Exercise goal: Whichever lines of the material contain "under", copy each of them.

Provided records Block Start

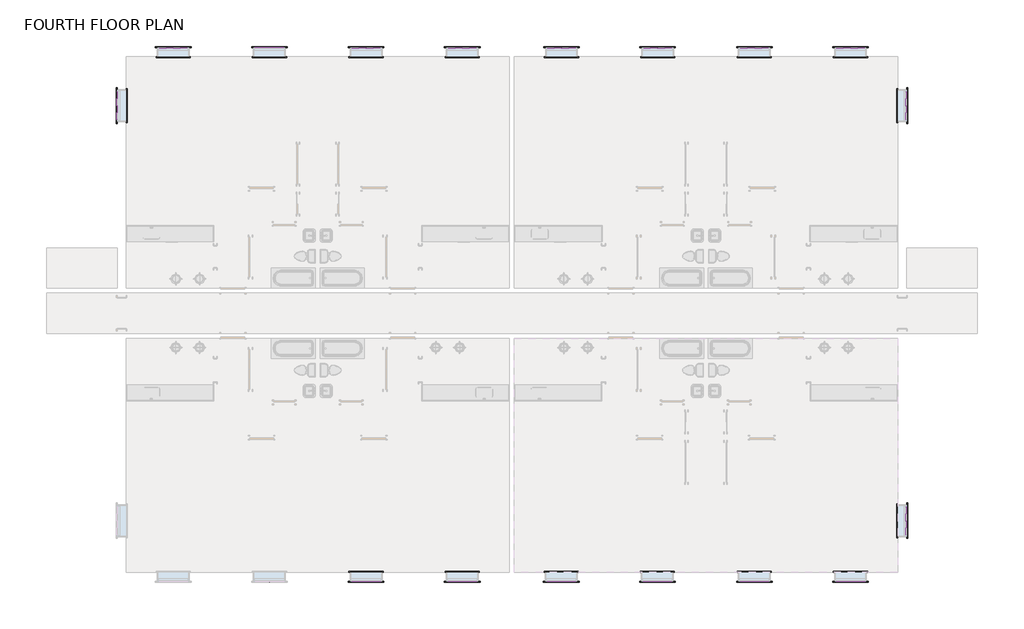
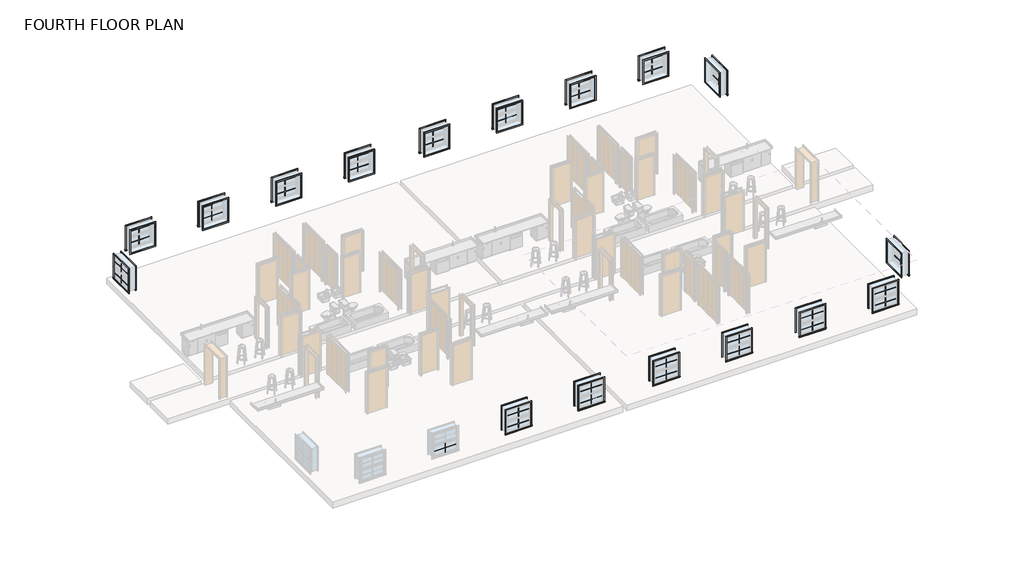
# One storey, part 3 of 3: 69 proxies.
"""IFC4 building model written with IfcOpenShell, lengths in millimetres."""

from ifc_helpers import new_model, si_unit, origin, place, context, project, spatial, transform, mapped, element, save
from components import muntin_pattern_2x2_muntin_pattern_2x2_c44f4804, muntin_pattern_2x2_muntin_pattern_2x2_05dfa543, muntin_pattern_2x2_muntin_pattern_2x2_770224b8, muntin_pattern_2x2_muntin_pattern_2x2_cf99dd86, trim_window_exterior_flat_with_sill_7cfdd449, trim_window_exterior_flat_with_sill_ac84ebb5, trim_window_interior_flat_picture_frame_f1e0b15b, trim_window_interior_flat_picture_frame_caf2db4f

model = new_model("IFC4")

# Units and contexts
model_context = context("Model", 3, world=origin())
ifc_project = project(units=[si_unit("LENGTHUNIT", "METRE", prefix="MILLI")], contexts=[model_context])

# Site, building, storey
site = spatial("IfcSite", under=ifc_project)
building = spatial("IfcBuilding", under=site)
storey = spatial("IfcBuildingStorey", under=building, Name="FOURTH FLOOR PLAN", Elevation=8534.4)

# Proxies
placement = place(None, origin())
muntin_pattern_2x2_muntin_pattern_2x2_shape = muntin_pattern_2x2_muntin_pattern_2x2_c44f4804(model_context)
element("IfcBuildingElementProxy", 1, Name="Muntin Pattern_2x2 : Muntin Pattern_2x2", ObjectType="Muntin Pattern_2x2 : Muntin Pattern_2x2", at=placement, inside=storey, context=model_context, shape_type="MappedRepresentation", body=[
    mapped(muntin_pattern_2x2_muntin_pattern_2x2_shape, transform((-5537.3665125, 13431.007194, 10128.25), x_axis=(0.0, 1.0, 0.0), y_axis=(-1.0, 0.0, 0.0), z_axis=(0.0, 0.0, 1.0))),
])
element("IfcBuildingElementProxy", 2, Name="Muntin Pattern_2x2 : Muntin Pattern_2x2", ObjectType="Muntin Pattern_2x2 : Muntin Pattern_2x2", at=placement, inside=storey, context=model_context, shape_type="MappedRepresentation", body=[
    mapped(muntin_pattern_2x2_muntin_pattern_2x2_shape, transform((-3399.0477625, 15644.6887881, 10128.25), x_axis=(1.0, 0.0, 0.0), y_axis=(0.0, 1.0, 0.0), z_axis=(0.0, 0.0, 1.0))),
])
element("IfcBuildingElementProxy", 3, Name="Muntin Pattern_2x2 : Muntin Pattern_2x2", ObjectType="Muntin Pattern_2x2 : Muntin Pattern_2x2", at=placement, inside=storey, context=model_context, shape_type="MappedRepresentation", body=[
    mapped(muntin_pattern_2x2_muntin_pattern_2x2_shape, transform((271.9647375, 15644.6887881, 10128.25), x_axis=(1.0, 0.0, 0.0), y_axis=(0.0, 1.0, 0.0), z_axis=(0.0, 0.0, 1.0))),
])
element("IfcBuildingElementProxy", 4, Name="Muntin Pattern_2x2 : Muntin Pattern_2x2", ObjectType="Muntin Pattern_2x2 : Muntin Pattern_2x2", at=placement, inside=storey, context=model_context, shape_type="MappedRepresentation", body=[
    mapped(muntin_pattern_2x2_muntin_pattern_2x2_shape, transform((7635.6647375, -4742.0612119, 10128.25), x_axis=(-1.0, 0.0, 0.0), y_axis=(0.0, -1.0, 0.0), z_axis=(0.0, 0.0, 1.0))),
])
element("IfcBuildingElementProxy", 5, Name="Muntin Pattern_2x2 : Muntin Pattern_2x2", ObjectType="Muntin Pattern_2x2 : Muntin Pattern_2x2", at=placement, inside=storey, context=model_context, shape_type="MappedRepresentation", body=[
    mapped(muntin_pattern_2x2_muntin_pattern_2x2_shape, transform((3964.6522375, -4742.0612119, 10128.25), x_axis=(-1.0, 0.0, 0.0), y_axis=(0.0, -1.0, 0.0), z_axis=(0.0, 0.0, 1.0))),
])
element("IfcBuildingElementProxy", 6, Name="Muntin Pattern_2x2 : Muntin Pattern_2x2", ObjectType="Muntin Pattern_2x2 : Muntin Pattern_2x2", at=placement, inside=storey, context=model_context, shape_type="MappedRepresentation", body=[
    mapped(muntin_pattern_2x2_muntin_pattern_2x2_shape, transform((24597.5834875, -2431.3796179, 10128.25), x_axis=(0.0, -1.0, 0.0), y_axis=(1.0, 0.0, 0.0), z_axis=(0.0, 0.0, 1.0))),
])
element("IfcBuildingElementProxy", 7, Name="Muntin Pattern_2x2 : Muntin Pattern_2x2", ObjectType="Muntin Pattern_2x2 : Muntin Pattern_2x2", at=placement, inside=storey, context=model_context, shape_type="MappedRepresentation", body=[
    mapped(muntin_pattern_2x2_muntin_pattern_2x2_shape, transform((22460.0647375, -4742.0612119, 10128.25), x_axis=(-1.0, 0.0, 0.0), y_axis=(0.0, -1.0, 0.0), z_axis=(0.0, 0.0, 1.0))),
])
element("IfcBuildingElementProxy", 8, Name="Muntin Pattern_2x2 : Muntin Pattern_2x2", ObjectType="Muntin Pattern_2x2 : Muntin Pattern_2x2", at=placement, inside=storey, context=model_context, shape_type="MappedRepresentation", body=[
    mapped(muntin_pattern_2x2_muntin_pattern_2x2_shape, transform((18789.0522375, -4742.0612119, 10128.25), x_axis=(-1.0, 0.0, 0.0), y_axis=(0.0, -1.0, 0.0), z_axis=(0.0, 0.0, 1.0))),
])
element("IfcBuildingElementProxy", 9, Name="Muntin Pattern_2x2 : Muntin Pattern_2x2", ObjectType="Muntin Pattern_2x2 : Muntin Pattern_2x2", at=placement, inside=storey, context=model_context, shape_type="MappedRepresentation", body=[
    mapped(muntin_pattern_2x2_muntin_pattern_2x2_shape, transform((11425.3522375, 15644.6887881, 10128.25), x_axis=(1.0, 0.0, 0.0), y_axis=(0.0, 1.0, 0.0), z_axis=(0.0, 0.0, 1.0))),
])
element("IfcBuildingElementProxy", 10, Name="Muntin Pattern_2x2 : Muntin Pattern_2x2", ObjectType="Muntin Pattern_2x2 : Muntin Pattern_2x2", at=placement, inside=storey, context=model_context, shape_type="MappedRepresentation", body=[
    mapped(muntin_pattern_2x2_muntin_pattern_2x2_shape, transform((15096.3647375, 15644.6887881, 10128.25), x_axis=(1.0, 0.0, 0.0), y_axis=(0.0, 1.0, 0.0), z_axis=(0.0, 0.0, 1.0))),
])
muntin_pattern_2x2_muntin_pattern_2x2_2_shape = muntin_pattern_2x2_muntin_pattern_2x2_05dfa543(model_context)
element("IfcBuildingElementProxy", 11, Name="Muntin Pattern_2x2 : Muntin Pattern_2x2", ObjectType="Muntin Pattern_2x2 : Muntin Pattern_2x2", at=placement, inside=storey, context=model_context, shape_type="MappedRepresentation", body=[
    mapped(muntin_pattern_2x2_muntin_pattern_2x2_2_shape, transform((-5537.3665125, 13431.007194, 9518.65), x_axis=(0.0, 1.0, 0.0), y_axis=(-1.0, 0.0, 0.0), z_axis=(0.0, 0.0, 1.0))),
])
element("IfcBuildingElementProxy", 12, Name="Muntin Pattern_2x2 : Muntin Pattern_2x2", ObjectType="Muntin Pattern_2x2 : Muntin Pattern_2x2", at=placement, inside=storey, context=model_context, shape_type="MappedRepresentation", body=[
    mapped(muntin_pattern_2x2_muntin_pattern_2x2_2_shape, transform((-3399.0477625, 15644.6887881, 9518.65), x_axis=(1.0, 0.0, 0.0), y_axis=(0.0, 1.0, 0.0), z_axis=(0.0, 0.0, 1.0))),
])
element("IfcBuildingElementProxy", 13, Name="Muntin Pattern_2x2 : Muntin Pattern_2x2", ObjectType="Muntin Pattern_2x2 : Muntin Pattern_2x2", at=placement, inside=storey, context=model_context, shape_type="MappedRepresentation", body=[
    mapped(muntin_pattern_2x2_muntin_pattern_2x2_2_shape, transform((271.9647375, 15644.6887881, 9518.65), x_axis=(1.0, 0.0, 0.0), y_axis=(0.0, 1.0, 0.0), z_axis=(0.0, 0.0, 1.0))),
])
element("IfcBuildingElementProxy", 14, Name="Muntin Pattern_2x2 : Muntin Pattern_2x2", ObjectType="Muntin Pattern_2x2 : Muntin Pattern_2x2", at=placement, inside=storey, context=model_context, shape_type="MappedRepresentation", body=[
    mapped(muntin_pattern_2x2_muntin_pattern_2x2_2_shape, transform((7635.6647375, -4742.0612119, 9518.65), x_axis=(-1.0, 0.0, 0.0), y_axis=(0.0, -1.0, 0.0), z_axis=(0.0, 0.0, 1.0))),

Provided records Block End

Solved exercise:
site = spatial("IfcSite", under=ifc_project)
building = spatial("IfcBuilding", under=site)
storey = spatial("IfcBuildingStorey", under=building, Name="FOURTH FLOOR PLAN", Elevation=8534.4)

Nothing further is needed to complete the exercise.